## DIRECTIONS
Could you transcribe the records below exactly, leaving out every picture?

[Stored data]
%%
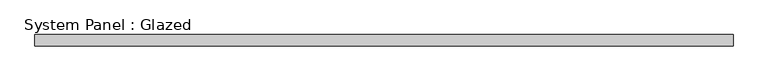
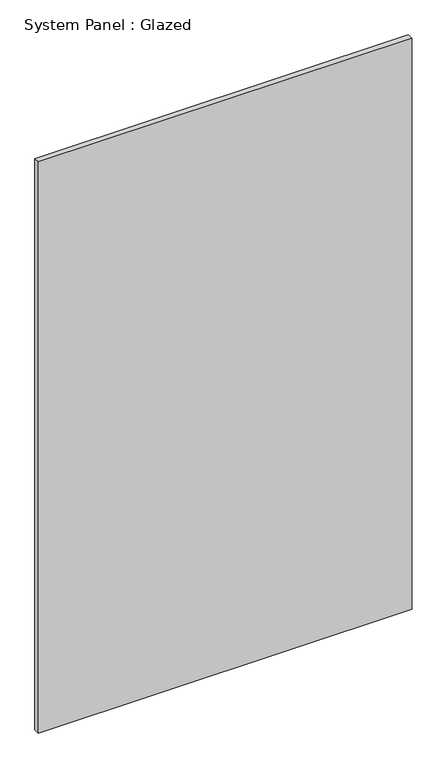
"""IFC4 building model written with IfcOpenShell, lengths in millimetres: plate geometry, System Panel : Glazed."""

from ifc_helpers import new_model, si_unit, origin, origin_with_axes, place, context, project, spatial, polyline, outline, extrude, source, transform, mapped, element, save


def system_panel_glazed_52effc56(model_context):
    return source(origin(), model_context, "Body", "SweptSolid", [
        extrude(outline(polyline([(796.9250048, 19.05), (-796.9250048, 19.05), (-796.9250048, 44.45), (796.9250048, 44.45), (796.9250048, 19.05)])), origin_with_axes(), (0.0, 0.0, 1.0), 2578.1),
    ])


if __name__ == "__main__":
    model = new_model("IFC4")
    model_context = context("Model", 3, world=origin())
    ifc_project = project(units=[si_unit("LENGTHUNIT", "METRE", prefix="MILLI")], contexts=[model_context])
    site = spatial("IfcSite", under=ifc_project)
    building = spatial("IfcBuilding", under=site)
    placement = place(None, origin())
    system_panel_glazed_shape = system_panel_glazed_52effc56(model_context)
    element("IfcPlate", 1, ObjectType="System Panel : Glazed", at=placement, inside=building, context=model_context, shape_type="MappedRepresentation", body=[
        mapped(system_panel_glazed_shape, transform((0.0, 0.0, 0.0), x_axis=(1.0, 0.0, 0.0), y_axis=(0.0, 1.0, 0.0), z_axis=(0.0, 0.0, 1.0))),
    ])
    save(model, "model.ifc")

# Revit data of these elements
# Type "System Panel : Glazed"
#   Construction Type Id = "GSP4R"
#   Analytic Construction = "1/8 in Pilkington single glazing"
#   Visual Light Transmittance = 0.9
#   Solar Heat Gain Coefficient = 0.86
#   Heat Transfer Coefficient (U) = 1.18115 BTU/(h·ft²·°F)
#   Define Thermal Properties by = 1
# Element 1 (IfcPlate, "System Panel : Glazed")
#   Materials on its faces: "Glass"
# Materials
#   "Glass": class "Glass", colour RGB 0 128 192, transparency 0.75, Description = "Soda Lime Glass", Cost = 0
%%
## WRITTEN RESPONSE
"""IFC4 building model written with IfcOpenShell, lengths in millimetres: plate geometry, System Panel : Glazed."""

from ifc_helpers import new_model, si_unit, origin, origin_with_axes, place, context, project, spatial, polyline, outline, extrude, source, transform, mapped, element, save


def system_panel_glazed_52effc56(model_context):
    return source(origin(), model_context, "Body", "SweptSolid", [
        extrude(outline(polyline([(796.9250048, 19.05), (-796.9250048, 19.05), (-796.9250048, 44.45), (796.9250048, 44.45), (796.9250048, 19.05)])), origin_with_axes(), (0.0, 0.0, 1.0), 2578.1),
    ])


if __name__ == "__main__":
    model = new_model("IFC4")
    model_context = context("Model", 3, world=origin())
    ifc_project = project(units=[si_unit("LENGTHUNIT", "METRE", prefix="MILLI")], contexts=[model_context])
    site = spatial("IfcSite", under=ifc_project)
    building = spatial("IfcBuilding", under=site)
    placement = place(None, origin())
    system_panel_glazed_shape = system_panel_glazed_52effc56(model_context)
    element("IfcPlate", 1, ObjectType="System Panel : Glazed", at=placement, inside=building, context=model_context, shape_type="MappedRepresentation", body=[
        mapped(system_panel_glazed_shape, transform((0.0, 0.0, 0.0), x_axis=(1.0, 0.0, 0.0), y_axis=(0.0, 1.0, 0.0), z_axis=(0.0, 0.0, 1.0))),
    ])
    save(model, "model.ifc")

# Revit data of these elements
# Type "System Panel : Glazed"
#   Construction Type Id = "GSP4R"
#   Analytic Construction = "1/8 in Pilkington single glazing"
#   Visual Light Transmittance = 0.9
#   Solar Heat Gain Coefficient = 0.86
#   Heat Transfer Coefficient (U) = 1.18115 BTU/(h·ft²·°F)
#   Define Thermal Properties by = 1
# Element 1 (IfcPlate, "System Panel : Glazed")
#   Materials on its faces: "Glass"
# Materials
#   "Glass": class "Glass", colour RGB 0 128 192, transparency 0.75, Description = "Soda Lime Glass", Cost = 0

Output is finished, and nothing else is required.